Recorded data:
Segment Open

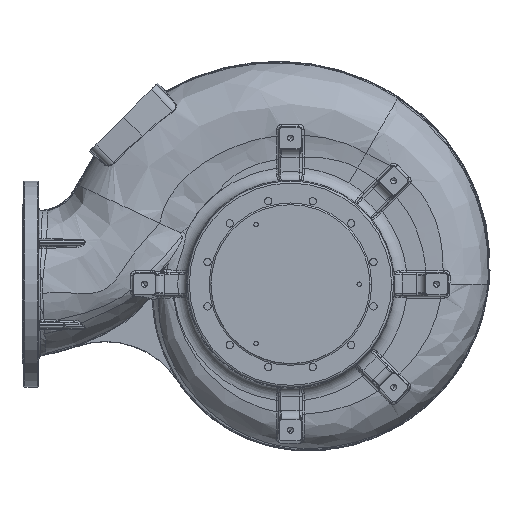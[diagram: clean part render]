
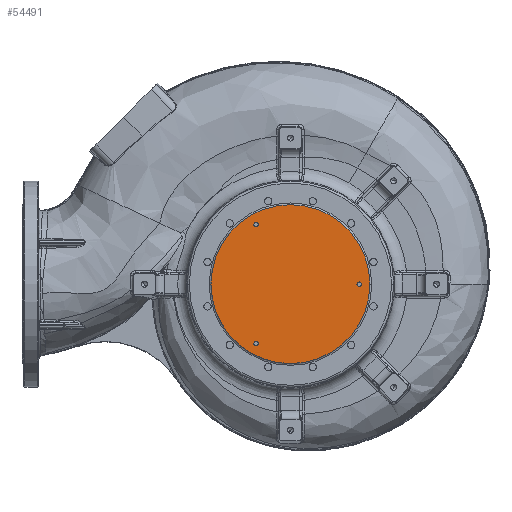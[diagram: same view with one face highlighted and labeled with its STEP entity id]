
A CAD part, front view. The second image highlights one B-rep face of the part: STEP entity #54491.
In plain terms, the highlighted planar face has unit normal (0, -1, 0).
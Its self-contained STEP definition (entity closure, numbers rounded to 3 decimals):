
#1154 = AXIS2_PLACEMENT_3D ( 'NONE', #96459, #34163, #106929 ) ;
#1250 = CIRCLE ( 'NONE', #26359, 5.1 ) ;
#1912 = CARTESIAN_POINT ( 'NONE',  ( 550.1, 0., 138.564 ) ) ;
#3681 = DIRECTION ( 'NONE',  ( 1., 0., 0. ) ) ;
#3741 = CARTESIAN_POINT ( 'NONE',  ( 545., 0., -138.564 ) ) ;
#4883 = CIRCLE ( 'NONE', #1154, 5.1 ) ;
#9037 = DIRECTION ( 'NONE',  ( -1., 0., 0. ) ) ;
#9280 = CARTESIAN_POINT ( 'NONE',  ( 539.9, 0., 138.564 ) ) ;
#10286 = CARTESIAN_POINT ( 'NONE',  ( 440., 0., 0. ) ) ;
#10373 = CARTESIAN_POINT ( 'NONE',  ( 625., 0., 0. ) ) ;
#10529 = EDGE_CURVE ( 'NONE', #105618, #16710, #41557, .T. ) ;
#11606 = VERTEX_POINT ( 'NONE', #10286 ) ;
#13974 = AXIS2_PLACEMENT_3D ( 'NONE', #133750, #71470, #9037 ) ;
#14235 = DIRECTION ( 'NONE',  ( -1., 0., 0. ) ) ;
#16289 = VERTEX_POINT ( 'NONE', #9280 ) ;
#16710 = VERTEX_POINT ( 'NONE', #51093 ) ;
#17191 = CIRCLE ( 'NONE', #124148, 185. ) ;
#18620 = DIRECTION ( 'NONE',  ( 0., 1., 0. ) ) ;
#18718 = ORIENTED_EDGE ( 'NONE', *, *, #73391, .F. ) ;
#20870 = DIRECTION ( 'NONE',  ( 1., 0., 0. ) ) ;
#26359 = AXIS2_PLACEMENT_3D ( 'NONE', #3741, #76616, #14235 ) ;
#28252 = FACE_BOUND ( 'NONE', #64050, .T. ) ;
#30606 = VERTEX_POINT ( 'NONE', #58618 ) ;
#34163 = DIRECTION ( 'NONE',  ( 0., -1., 0. ) ) ;
#34509 = CIRCLE ( 'NONE', #130012, 5.1 ) ;
#34983 = AXIS2_PLACEMENT_3D ( 'NONE', #128446, #66110, #3681 ) ;
#35083 = ORIENTED_EDGE ( 'NONE', *, *, #39311, .F. ) ;
#37547 = DIRECTION ( 'NONE',  ( 0., -1., 0. ) ) ;
#39311 = EDGE_CURVE ( 'NONE', #61211, #16289, #69741, .T. ) ;
#39669 = ORIENTED_EDGE ( 'NONE', *, *, #10529, .F. ) ;
#41557 = CIRCLE ( 'NONE', #104260, 5.1 ) ;
#44979 = CARTESIAN_POINT ( 'NONE',  ( 785., 0., 0. ) ) ;
#51093 = CARTESIAN_POINT ( 'NONE',  ( 790.1, 0., 0. ) ) ;
#52732 = CARTESIAN_POINT ( 'NONE',  ( 785., 0., 0. ) ) ;
#53092 = ORIENTED_EDGE ( 'NONE', *, *, #114426, .F. ) ;
#54491 = ADVANCED_FACE ( 'NONE', ( #83597, #114559, #55940, #28252 ), #82811, .F. ) ;
#55426 = DIRECTION ( 'NONE',  ( -1., 0., 0. ) ) ;
#55940 = FACE_OUTER_BOUND ( 'NONE', #132592, .T. ) ;
#58205 = ORIENTED_EDGE ( 'NONE', *, *, #79832, .F. ) ;
#58618 = CARTESIAN_POINT ( 'NONE',  ( 810., 0., 0. ) ) ;
#59401 = CIRCLE ( 'NONE', #34983, 185. ) ;
#61211 = VERTEX_POINT ( 'NONE', #1912 ) ;
#63163 = EDGE_CURVE ( 'NONE', #11606, #30606, #59401, .T. ) ;
#63214 = DIRECTION ( 'NONE',  ( -1., 0., 0. ) ) ;
#64050 = EDGE_LOOP ( 'NONE', ( #77645, #93540 ) ) ;
#66110 = DIRECTION ( 'NONE',  ( 0., 1., 0. ) ) ;
#69741 = CIRCLE ( 'NONE', #13974, 5.1 ) ;
#71470 = DIRECTION ( 'NONE',  ( 0., -1., 0. ) ) ;
#73391 = EDGE_CURVE ( 'NONE', #16289, #61211, #4883, .T. ) ;
#73693 = ORIENTED_EDGE ( 'NONE', *, *, #63163, .F. ) ;
#73913 = VERTEX_POINT ( 'NONE', #110671 ) ;
#76616 = DIRECTION ( 'NONE',  ( 0., -1., 0. ) ) ;
#77645 = ORIENTED_EDGE ( 'NONE', *, *, #129241, .F. ) ;
#79692 = AXIS2_PLACEMENT_3D ( 'NONE', #10373, #83259, #20870 ) ;
#79832 = EDGE_CURVE ( 'NONE', #30606, #11606, #17191, .T. ) ;
#80981 = CARTESIAN_POINT ( 'NONE',  ( 625., 0., 0. ) ) ;
#82811 = PLANE ( 'NONE',  #79692 ) ;
#83259 = DIRECTION ( 'NONE',  ( 0., 1., 0. ) ) ;
#83597 = FACE_BOUND ( 'NONE', #112709, .T. ) ;
#85083 = CARTESIAN_POINT ( 'NONE',  ( 539.9, 0., -138.564 ) ) ;
#89694 = EDGE_CURVE ( 'NONE', #73913, #91878, #1250, .T. ) ;
#91445 = DIRECTION ( 'NONE',  ( 1., 0., 0. ) ) ;
#91878 = VERTEX_POINT ( 'NONE', #85083 ) ;
#93540 = ORIENTED_EDGE ( 'NONE', *, *, #89694, .F. ) ;
#96459 = CARTESIAN_POINT ( 'NONE',  ( 545., 0., 138.564 ) ) ;
#98853 = CIRCLE ( 'NONE', #108051, 5.1 ) ;
#99858 = CARTESIAN_POINT ( 'NONE',  ( 545., 0., -138.564 ) ) ;
#104260 = AXIS2_PLACEMENT_3D ( 'NONE', #52732, #125535, #63214 ) ;
#105448 = CARTESIAN_POINT ( 'NONE',  ( 779.9, 0., 0. ) ) ;
#105618 = VERTEX_POINT ( 'NONE', #105448 ) ;
#106929 = DIRECTION ( 'NONE',  ( -1., 0., 0. ) ) ;
#108051 = AXIS2_PLACEMENT_3D ( 'NONE', #99858, #37547, #110355 ) ;
#110355 = DIRECTION ( 'NONE',  ( -1., 0., 0. ) ) ;
#110671 = CARTESIAN_POINT ( 'NONE',  ( 550.1, 0., -138.564 ) ) ;
#112709 = EDGE_LOOP ( 'NONE', ( #18718, #35083 ) ) ;
#114426 = EDGE_CURVE ( 'NONE', #16710, #105618, #34509, .T. ) ;
#114559 = FACE_BOUND ( 'NONE', #117507, .T. ) ;
#117507 = EDGE_LOOP ( 'NONE', ( #39669, #53092 ) ) ;
#117751 = DIRECTION ( 'NONE',  ( 0., -1., 0. ) ) ;
#124148 = AXIS2_PLACEMENT_3D ( 'NONE', #80981, #18620, #91445 ) ;
#125535 = DIRECTION ( 'NONE',  ( 0., -1., 0. ) ) ;
#128446 = CARTESIAN_POINT ( 'NONE',  ( 625., 0., 0. ) ) ;
#129241 = EDGE_CURVE ( 'NONE', #91878, #73913, #98853, .T. ) ;
#130012 = AXIS2_PLACEMENT_3D ( 'NONE', #44979, #117751, #55426 ) ;
#132592 = EDGE_LOOP ( 'NONE', ( #58205, #73693 ) ) ;
#133750 = CARTESIAN_POINT ( 'NONE',  ( 545., 0., 138.564 ) ) ;
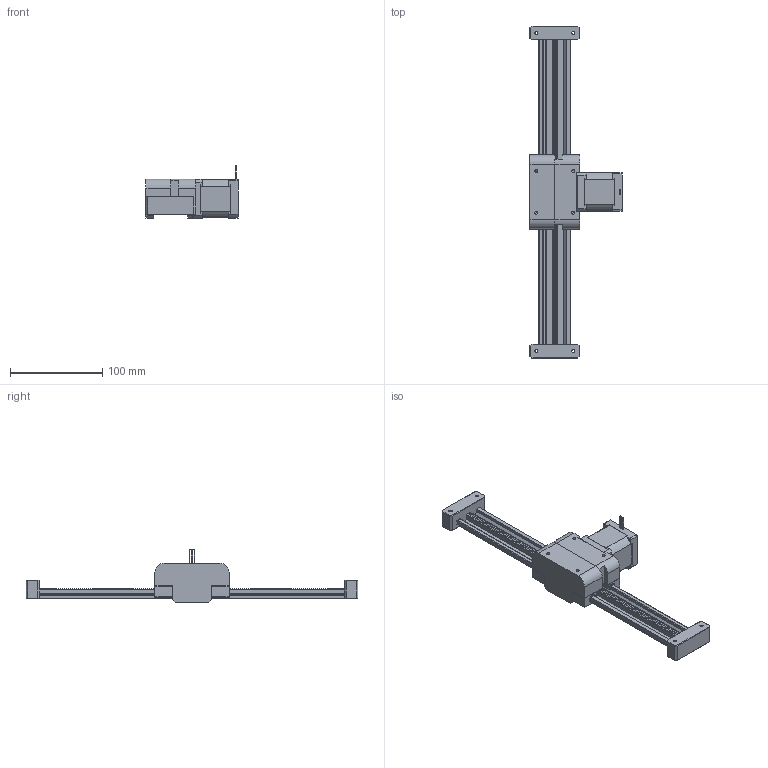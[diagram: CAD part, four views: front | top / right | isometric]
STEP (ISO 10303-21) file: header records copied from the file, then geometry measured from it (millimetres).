
FILE_DESCRIPTION (( 'STEP AP203' ), '1' );
FILE_NAME ('D00684285.STEP', '2024-07-13T16:26:25', ( '' ), ( '' ), 'SwSTEP 2.0', 'SolidWorks 2020', '' );
FILE_SCHEMA (( 'CONFIG_CONTROL_DESIGN' ));
Length unit declared in the file: millimetre
Products named in the file (12): 2024_06_14_20_41_47_0635.stp; 2024_06_14_20_41_47_0744.stp; 2024_06_14_20_41_47_0666.stp; GRW_0630_B_80_250_17_L_S_000_1.stp; 2024_06_14_20_41_47_0697.stp; 2024_06_14_20_41_47_0682.stp; 2024_06_14_20_41_47_0619.stp; 2024_06_14_20_41_47_0713.stp; D00684285; 2024_06_14_20_41_47_0651.stp; 2024_06_14_20_41_47_0760.stp; 2024_06_14_20_41_47_0729.stp
Assembly tree (11 placements, depth 3):
  D00684285
    GRW_0630_B_80_250_17_L_S_000_1.stp
      2024_06_14_20_41_47_0760.stp
      2024_06_14_20_41_47_0744.stp
      2024_06_14_20_41_47_0729.stp
      2024_06_14_20_41_47_0713.stp
      2024_06_14_20_41_47_0697.stp
      2024_06_14_20_41_47_0682.stp
      2024_06_14_20_41_47_0666.stp
      2024_06_14_20_41_47_0651.stp
      2024_06_14_20_41_47_0635.stp
      2024_06_14_20_41_47_0619.stp
Bounding box: 100 x 360.5 x 57.25 mm (x, y, z)
Volume: 266325.5 mm3; surface area: 98837.1 mm2
Topology: 10 solids, 10 shells, 1847 faces, 5159 edges, 3400 vertices
Faces by surface type: plane 1305, cylinder 486, cone 56
Entity records: 60991 total; most frequent: CARTESIAN_POINT 11249, ORIENTED_EDGE 10286, DIRECTION 9891, EDGE_CURVE 5143, VECTOR 4039, LINE 4039, VERTEX_POINT 3400, AXIS2_PLACEMENT_3D 2926
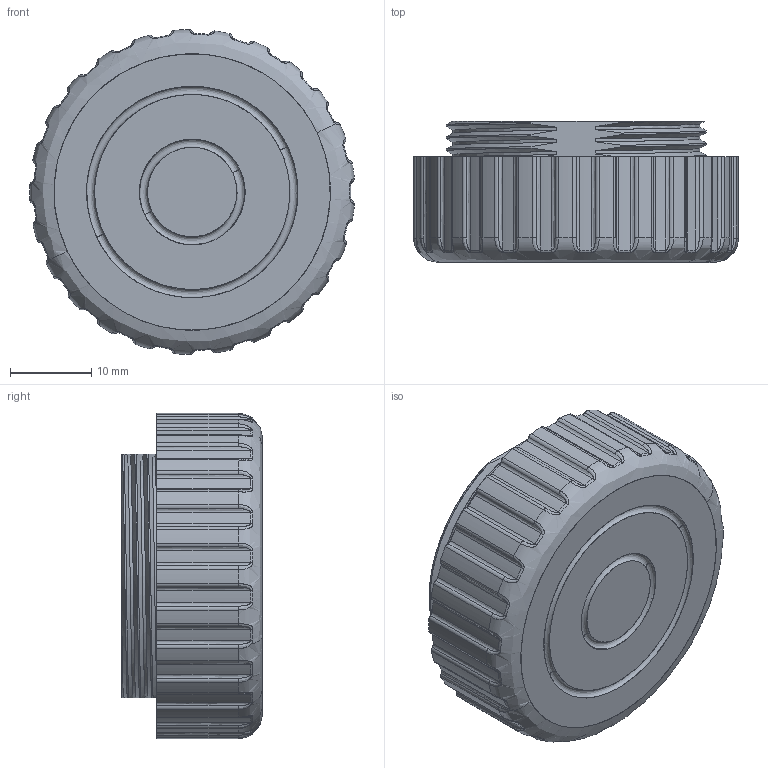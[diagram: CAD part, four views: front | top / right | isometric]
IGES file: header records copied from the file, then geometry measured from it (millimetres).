
Start section: SolidWorks IGES file using analytic representation for surfaces
Bounding box: 39.94 x 17.34 x 39.99 mm (x, y, z)
Surface area: 9570.5 mm2 (no closed solid volume)
Topology: 0 solids, 0 shells, 485 faces, 4745 edges, 4730 vertices
Faces by surface type: revolution 276, bspline 209

Segment Closed

# Task statement
Give back exactly the lines above, from the line containing "#61211 = VERTEX_POINT ( 'NONE', #1912 ) ;" through the line containing "#82811 = PLANE", with both end lines and nothing more.

# Answer box
#61211 = VERTEX_POINT ( 'NONE', #1912 ) ;
#63163 = EDGE_CURVE ( 'NONE', #11606, #30606, #59401, .T. ) ;
#63214 = DIRECTION ( 'NONE',  ( -1., 0., 0. ) ) ;
#64050 = EDGE_LOOP ( 'NONE', ( #77645, #93540 ) ) ;
#66110 = DIRECTION ( 'NONE',  ( 0., 1., 0. ) ) ;
#69741 = CIRCLE ( 'NONE', #13974, 5.1 ) ;
#71470 = DIRECTION ( 'NONE',  ( 0., -1., 0. ) ) ;
#73391 = EDGE_CURVE ( 'NONE', #16289, #61211, #4883, .T. ) ;
#73693 = ORIENTED_EDGE ( 'NONE', *, *, #63163, .F. ) ;
#73913 = VERTEX_POINT ( 'NONE', #110671 ) ;
#76616 = DIRECTION ( 'NONE',  ( 0., -1., 0. ) ) ;
#77645 = ORIENTED_EDGE ( 'NONE', *, *, #129241, .F. ) ;
#79692 = AXIS2_PLACEMENT_3D ( 'NONE', #10373, #83259, #20870 ) ;
#79832 = EDGE_CURVE ( 'NONE', #30606, #11606, #17191, .T. ) ;
#80981 = CARTESIAN_POINT ( 'NONE',  ( 625., 0., 0. ) ) ;
#82811 = PLANE ( 'NONE',  #79692 ) ;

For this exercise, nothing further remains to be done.